Action item: The material below should be copied line for line, please, with pictures omitted.

Exercise materials:
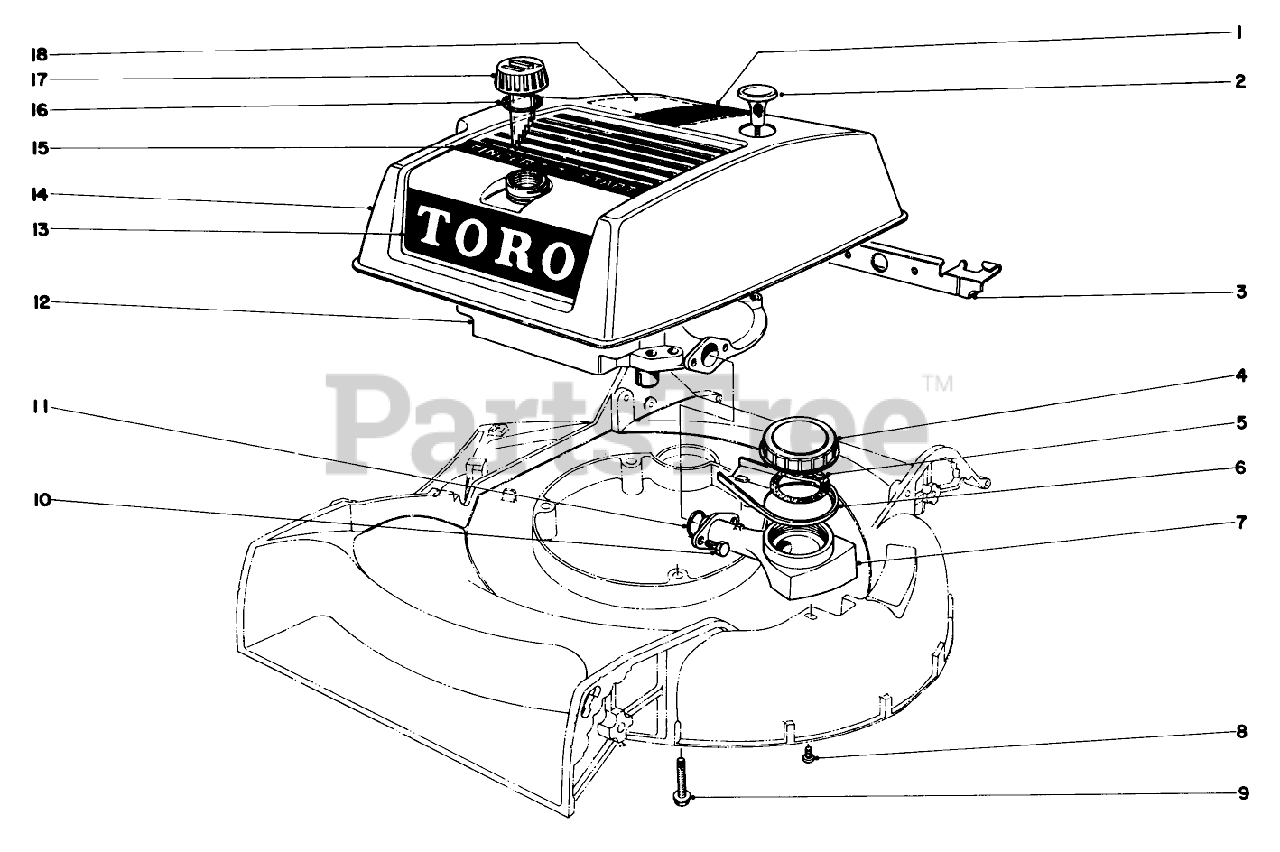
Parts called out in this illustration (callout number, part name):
1	Decal
3	Shroud Bracket
7	Oil Gauge
9	3/8-16 X 2-3/4 CAPSCR
10	SCREW-HH
11	O RING
12	Engine
13	Decal-Toro
15	Decal
16	Gasket
18	Decal-Maintenance

Task result:
Parts called out in this illustration (callout number, part name):
1	Decal
3	Shroud Bracket
7	Oil Gauge
9	3/8-16 X 2-3/4 CAPSCR
10	SCREW-HH
11	O RING
12	Engine
13	Decal-Toro
15	Decal
16	Gasket
18	Decal-Maintenance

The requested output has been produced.